The near-universal opposition to Trump’s decision by much of the military, intelligence, and foreign policy establishment is not out of concern for the fate of the Palestinians or international law. Rather, they fear that effectively recognizing exclusive Israel control over the third holiest city in Islam will provoke a backlash throughout the Islamic world. Reactionary clerics and other Islamist extremists, building on centuries of resentment going back to the Jerusalem’s conquest by the Crusaders nearly a millennium ago, will likely take advantage of popular outrage over the decision to encourage violent attacks, including terrorism, targeting U.S. interests.

  In fact, Trump may be seeking just such an outcome. Since launching his presidential campaign, he has gone to great lengths to stoke bigotry and fear against Muslims, as exemplified in his recent decision to retweet [4] misleading anti-Muslim videos compiled by a British neo-fascist group.
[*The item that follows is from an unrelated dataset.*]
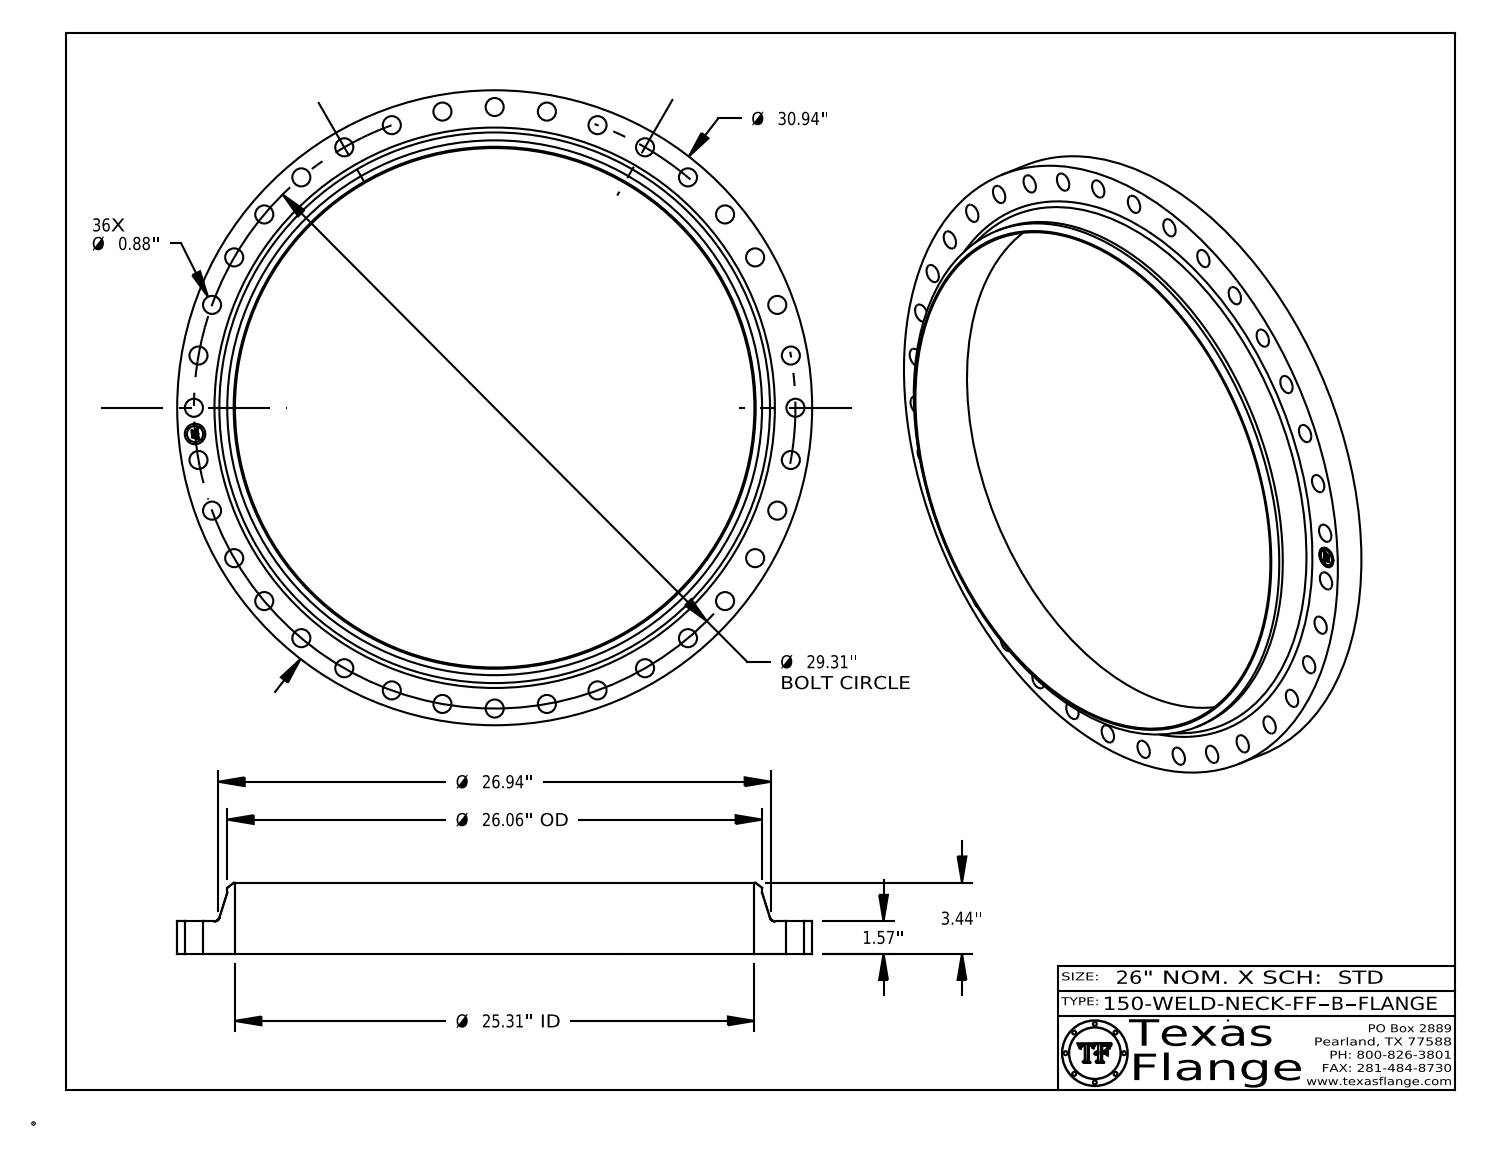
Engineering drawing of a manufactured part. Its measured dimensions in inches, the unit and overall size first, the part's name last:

Any rioting and acts of terrorism by Muslims in reaction to Trump’s decision would only reinforce his narrative and his agenda for restricting immigration and bombing Muslim countries.

   Trump’s announcement is actually the culmination of years of pressure by a large bipartisan majority of Congress and leaders of both political parties towards the White House. It represents the fulfillment of the Jerusalem Embassy Act of 1995 [5], which mandates that the United States move its embassy to Jerusalem, though the bill allows a president to waive that requirement every six months if deemed in the national interest.

  In the Senate, the bill was cosponsored by such prominent Senate Democrats as Joe Biden and John Kerry and only one Democrat (the late Robert Byrd) voted no. On the House side, just thirty out of 204 Democrats voted no, along with the independent then-Congressman Bernie Sanders.

   Since then, every President has taken advantage of the waiver to prevent such a provocative move, despite continued bipartisan pressure from Congress. As recently as this past June, just days after Trump issued his first waiver of the requirement, the Senate voted 90-0 in favor of a resolution [6] re-affirming the 1995 law and calling on President Trump “to abide by its provisions.” Co-sponsors included such leading Democrats as majority leader Chuck Schumer and Ben Cardin, ranking Democrat on the Foreign Affairs Committee, as well as Tammy Baldwin, Kirsten Gillibrand, Cory Booker, and Ron Wyden.

   Schumer has openly encouraged [7] Trump to move the embassy and previously criticized his “indecisiveness” on the issue.

   Support by Congressional Democrats and party leaders for moving the embassy is not due to demand from their constituents. A recent poll [8] shows that 81 percent of Democrats oppose moving the embassy while only 15 percent approve. And polls show [9] there is not strong support for such a move among American Jews, either. This is an extreme example of how the Democratic leadership and Congressional delegation diverge from their constituencies on major foreign policy issues.

   For decades, the platforms of both the Republican and Democratic parties have called for recognition of Jerusalem as the undivided capital of Israel. Neither party has acknowledged that Jerusalem is the commercial, cultural, educational, and religious center for Palestinian life.

   In 2012, then-Los Angeles mayor and current California gubernatorial candidate Antonio Villaraigosa, violated party rules [10] by inserting an amendment into the Democratic Party platform recognizing Jerusalem as Israel’s capital without the requisite two-thirds majority. In the 2016 platform [11], nominee Hillary Clinton—an advocate of moving the U.S. embassy to Jerusalem—successfully pushed for language declaring that Jerusalem “should remain the capital of Israel” while again saying nothing of Palestinian concerns.

  Trump’s dangerous and provocative move regarding Jerusalem—like so many of his reckless policies both abroad and at home—requires strong, broad-based opposition. It is unfortunate that, at least in this case, there is no real opposition party.

Stephen Zunes is a professor of politics and coordinator of Middle Eastern Studies at the University of San Francisco.